TikTok color analysis trend presents a vibrant business opportunity
TikTok color analysis trend presents a vibrant business opportunity
A trend from the 1980s is back in a big way and gaining traction with a younger audience. There are corners of TikTok where you can’t escape videos of people “getting their colors done.” It usually involves a professional color consultant draping people in various colored scarves until they discover their “season” — a group of hues in which they look their best: winters in deep, saturated jewel tones, autumns in warm, earthy shades and so on.
Guessing at someone’s color season has become a popular internet parlor game. It’s also a growing business: for people looking to boost their professional image and the entrepreneurs ready to help them do that.
One of those is Ashley Dworak, who’s like a rainbow come to life. “I’m a spring,” she noted, “so the light, bright, warm colors of the world are best for me.”
On her Instagram feed, tens of thousands of followers weigh in on Dworak’s outfits — in vivid coral, lemon chiffon, kelly green, often pulled together with thrift store finds.
But her style wasn’t always so confident. As an exhausted mom of four young kids, she said her wardrobe was mostly black, basic — and kind of sad. So six years ago, she went to get her colors done, something she’d watched her mom do back in the 1980s.
“I almost felt like it was a superficial, selfish thing to have had done,” said Dworak. “And then quickly, I realized that that’s complete garbage — it is not superficial at all. It made a huge impact on me.”
She’s now a color consultant herself in the Omaha suburb of Papillion, Nebraska, evocatively named for the French word for butterfly.

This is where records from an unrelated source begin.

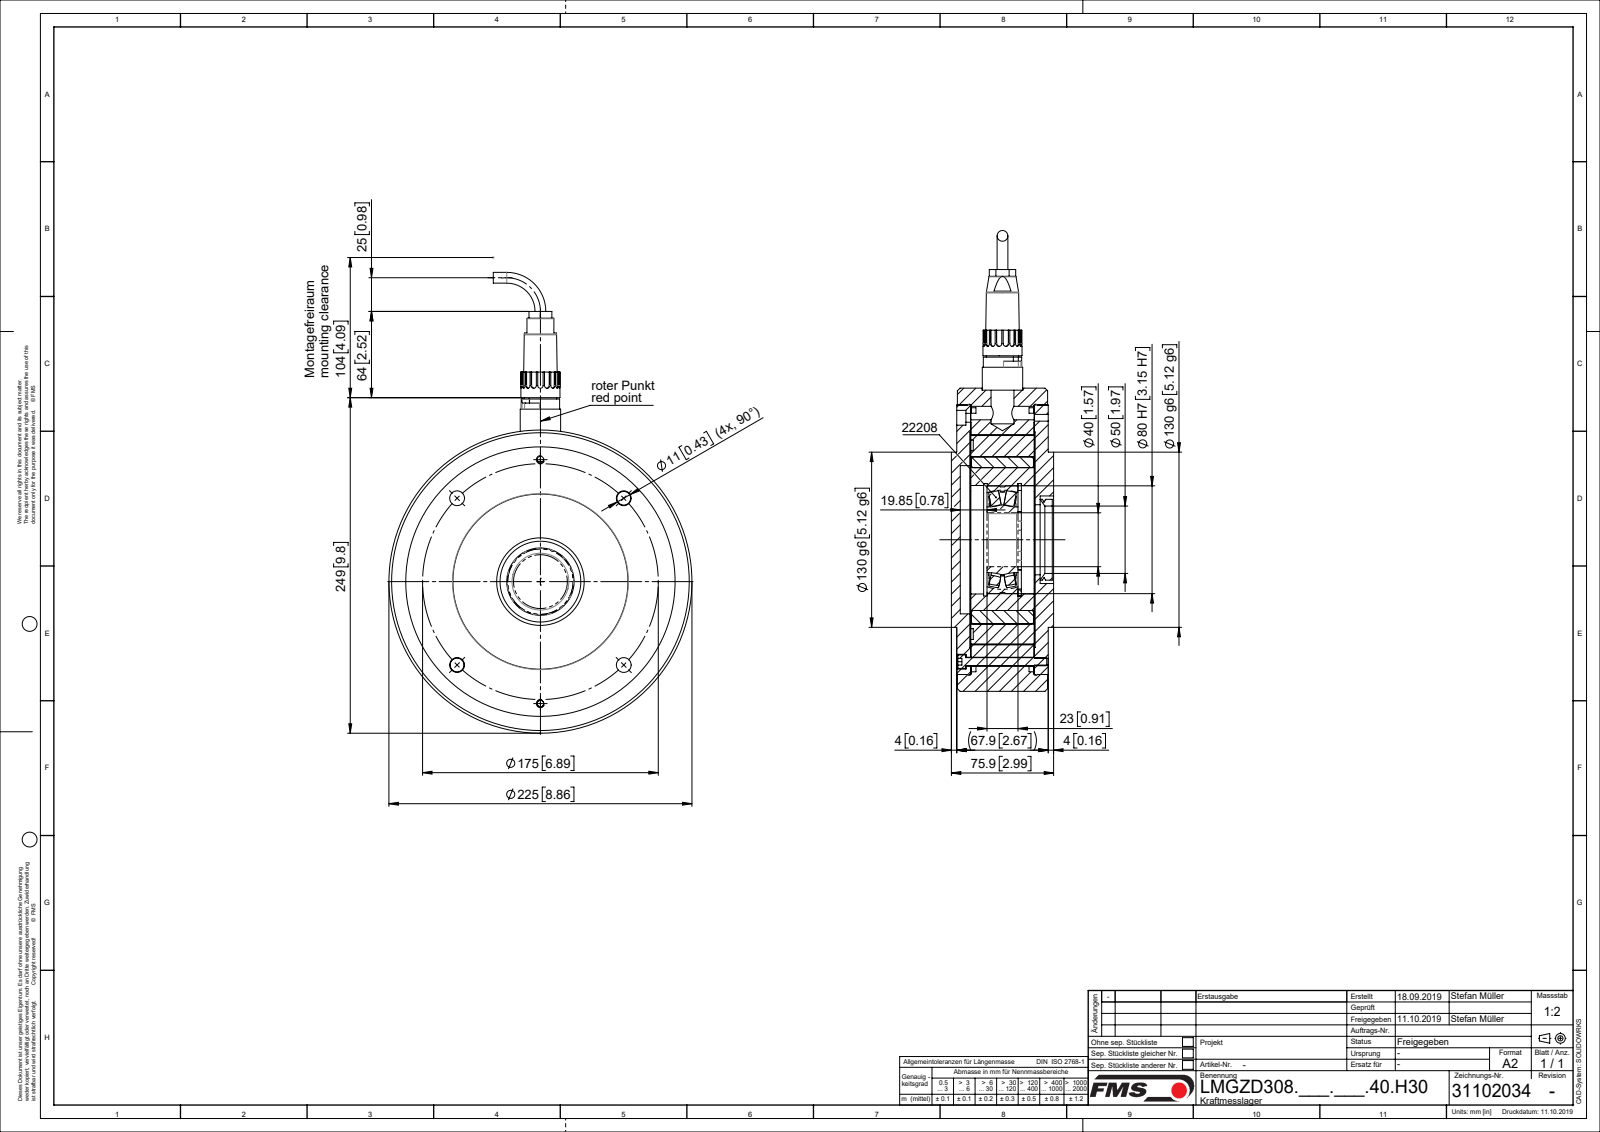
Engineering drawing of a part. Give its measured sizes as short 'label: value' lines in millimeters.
name: L50197; L4987704; TEIL1; L49531 (+8 more)
written by: Mechanical Desktop 2007 (CONFIG_CONTROL_DESIGN)
unit: mm
bodies: 17 solids, 386 faces (124 planar, 212 cylindrical, 50 other)
size: 342 × 225 × 163.32
volume: 2 548 000 mm³; area: 380 551 mm²
holes: 6× ⌀11, 4× ⌀2.49, 4× ⌀9, 2× ⌀3, 2× ⌀3.6, 2× ⌀5.15, 2× ⌀6.6, 1× ⌀10.5, 1× ⌀14, 1× ⌀22, 1× ⌀40, 1× ⌀44
bosses: 2× ⌀5.5, 1× ⌀225, 1× ⌀199, 1× ⌀130, 1× ⌀54, 1× ⌀29, 1× ⌀28.5, 1× ⌀27.5
rounds: 20× R2, 2× R3, 1× R81, 1× R86
face distances: 47.25, 47, 10.2, 10.45, 57.45, 57.7, 48, 0.5, 0.75, 47.75
hole spacings: 16.26, 23, 68.17, 87.5, 123.74, 164.45, 32.53, 90.5
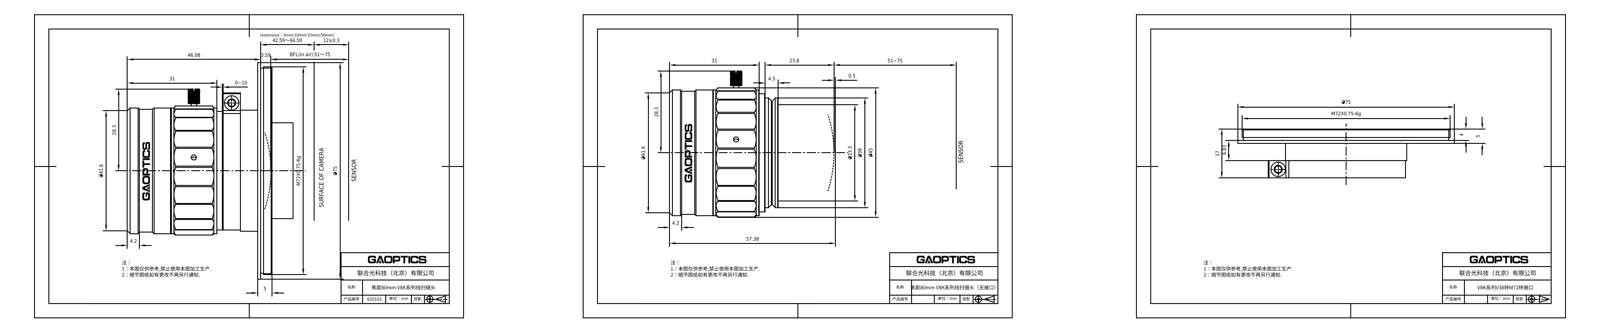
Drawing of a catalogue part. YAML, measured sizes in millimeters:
part_name: "620101"
step_written_by: "SolidWorks 2019 (CONFIG_CONTROL_DESIGN)"
units: millimeters
bodies: {solids: 4, faces: 1422, planar: 0, cylindrical: 0, other: 1422}
overall_size: [75, 75, 57.38]
volume: 77988
surface_area: 30999
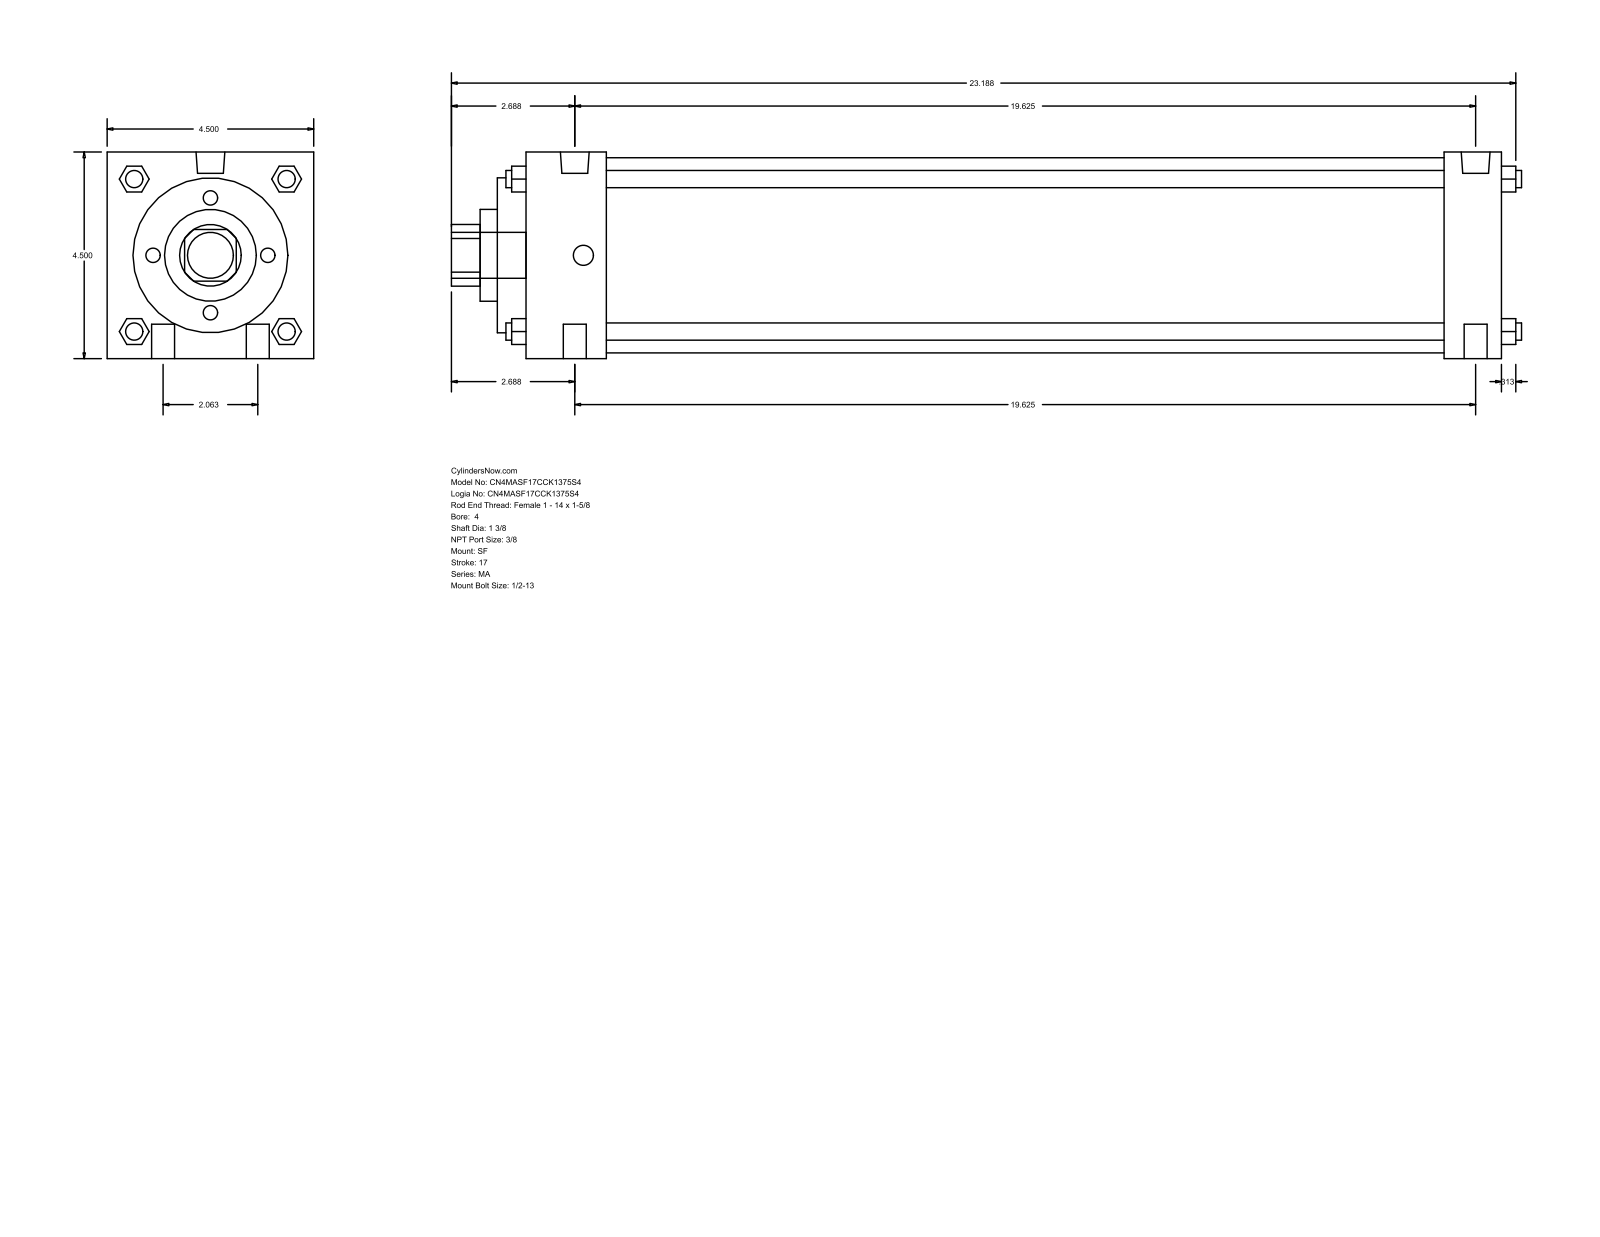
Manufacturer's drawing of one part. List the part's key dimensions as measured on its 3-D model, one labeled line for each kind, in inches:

“We see people from all over, that come to us with wanting to feel better about themselves and show who they are on the outside, that’s reflecting who they are on the inside,” she said.
In late May, 26-year-old Lauren Kreuzberg brought her mom, Debbie O’Keefe, to Dworak for color analysis.

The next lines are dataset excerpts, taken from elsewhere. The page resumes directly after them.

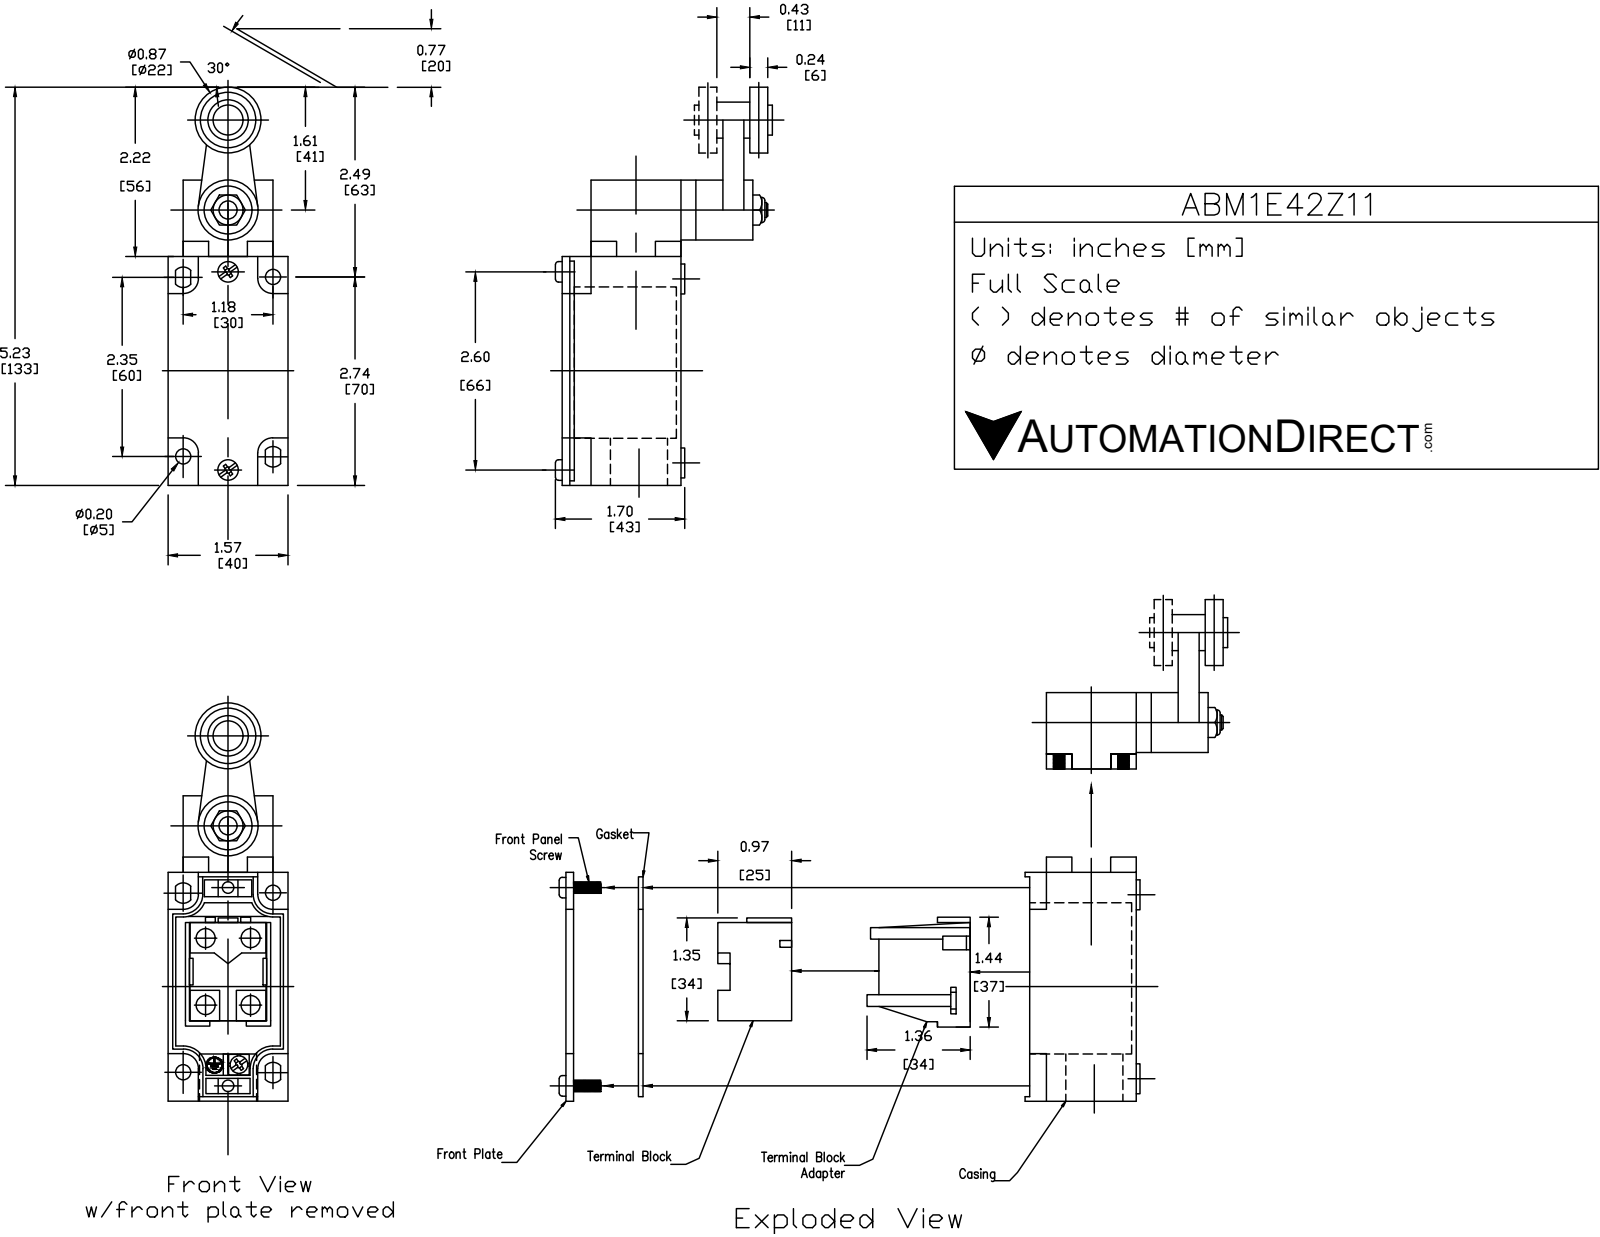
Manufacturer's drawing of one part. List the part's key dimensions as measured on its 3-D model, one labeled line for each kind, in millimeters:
Part name (STEP PRODUCT): ABM1E42Z11
STEP written by: SolidWorks 2017 (AUTOMOTIVE_DESIGN)
Units: millimetres
Bodies: 3 solids, 223 faces (90 planar, 92 cylindrical, 41 other)
Overall size (bounding box): 133 × 61 × 40
Volume: 143 900 mm³ · Surface area: 28 620 mm²
Round holes (diameter × count): ⌀5.2 ×2, ⌀14 ×1, ⌀17 ×1, ⌀19 ×1
Round bosses / shafts (diameter × count): ⌀10 ×6, ⌀7 ×3, ⌀22 ×1, ⌀20 ×1, ⌀11.5 ×1, ⌀6 ×1
Partial cylindrical surfaces — rounded edges, fillets, slot ends (radius × count): R1.5 ×16, R1 ×4, R5 ×4, R3.3 ×2, R6 ×1, R11.5 ×1, R12 ×1
Main face-to-face distances: 40, 39.5, 5, 30, 35, 76.5, 25, 9.5, 0.5, 102
Hole centre spacings: 26.6, 67.1, 83.4

Dworak sat them in front of a mirror and started to drape.
“When I put this cool, rosy, sort of icy pink on you, it’s like I’ve sort of drained your coloring here,” Dworak told O’Keefe.

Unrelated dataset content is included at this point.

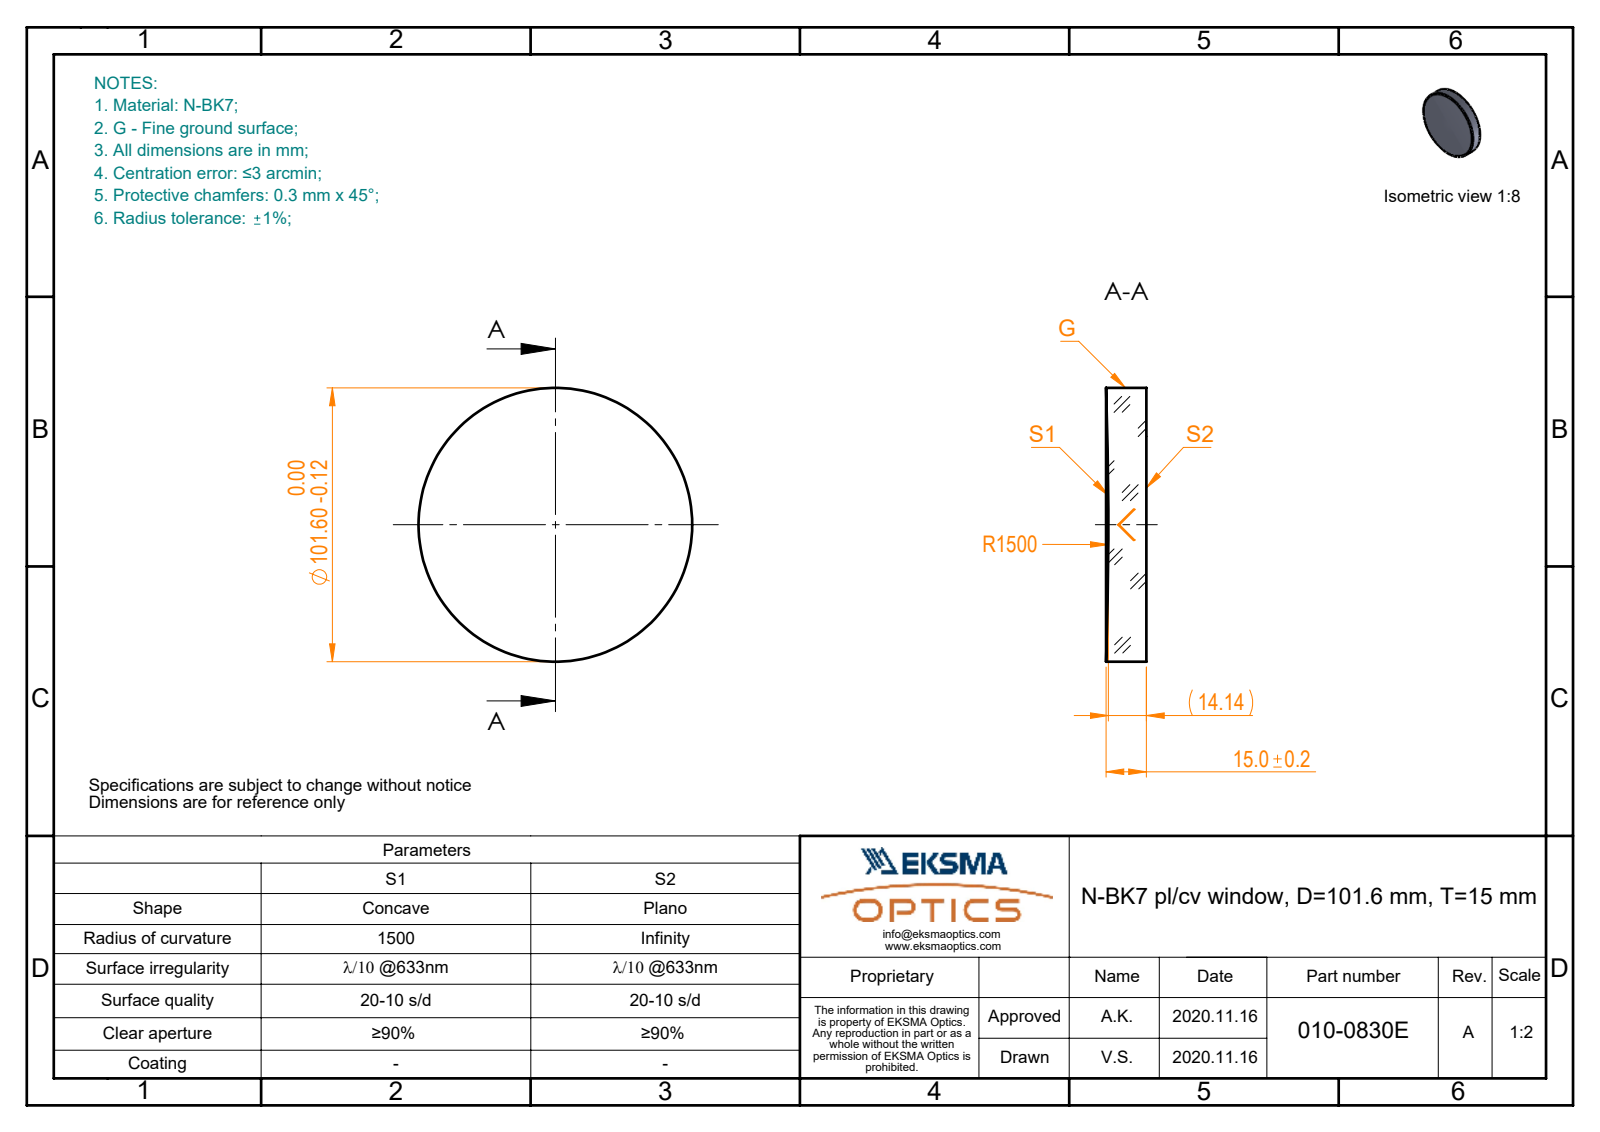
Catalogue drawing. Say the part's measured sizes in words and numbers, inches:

The pair paid $510 combined to find out if they’re warm or cool toned, muted, or bright, and ultimately which of the four color seasons and 16 sub-seasons they each fall into. Theories of color analysis have expanded the palettes to become more inclusive for a range of skin colors.
“Your skin and your eyes and everything are loving the warm colors,” Dworak told Kreuzberg as she draped her in a rich rust-orange.
The color business was far from a sure bet back in early 2020 when Dworak emptied her savings account to pay the $13,000 upfront cost to train in color theory and franchise with the British company House of Colour.
Since then, the franchise price has roughly doubled, and House of Colour has grown — along with the popularity of color analysis — from a few dozen consultants in the U.S. to more than 300.
“People used to just think I was like way out there, basically, that I would pay somebody for a color palette. But now everybody knows what I’m talking about,” said Cedar Boschan, who has had several color and style consultations. She estimates she’s paid about $4,000 for the services over several years.
“I was typed as a winter in Four Seasons. And then as a bright winter or a clear winter. And then I crossed from winter into spring. I’m a vital spring,” she explained.
When we spoke she wore an emerald green dress with a navy shawl collar blazer and a classic red lipstick. She runs her own forensic accounting firm serving the entertainment industry, and said cultivating a strong personal brand is key to her business.
And in the age of social media, everyone has a personal brand, said marketing professor Americus Reed at the University of Pennsylvania’s Wharton School.
“People are are starting to use these technologies to construct this identity and project it to the world. And color is powerful,” he said.
The global image consulting market overall is currently around around $4 billion, and the services are appealing to a broader audience than ever before, beyond women of a certain age and class. Reed said it’s tapped into an age-old need: “I think we’re hardwired to figure out these deeper questions of identity, who we are, who am I?”
Back in Papillion, Nebraska, Lauren Kreuzberg and Debbie O’Keefe have an answer.
“OK, you guys — autumns in the house!” Dworak exclaims. Kreuzberg was typed as a more neutral “Dark Blue Autumn,” while her mother Debbie O’Keefe was typed as a more classic “Autumn Leaf” in the House of Colour system.
As for the house that color built, Dworak said she’s gone from $0 in her bank account five years ago to earning enough to recently buy and renovate an historic building in downtown Papillion, where she moved her studio in June.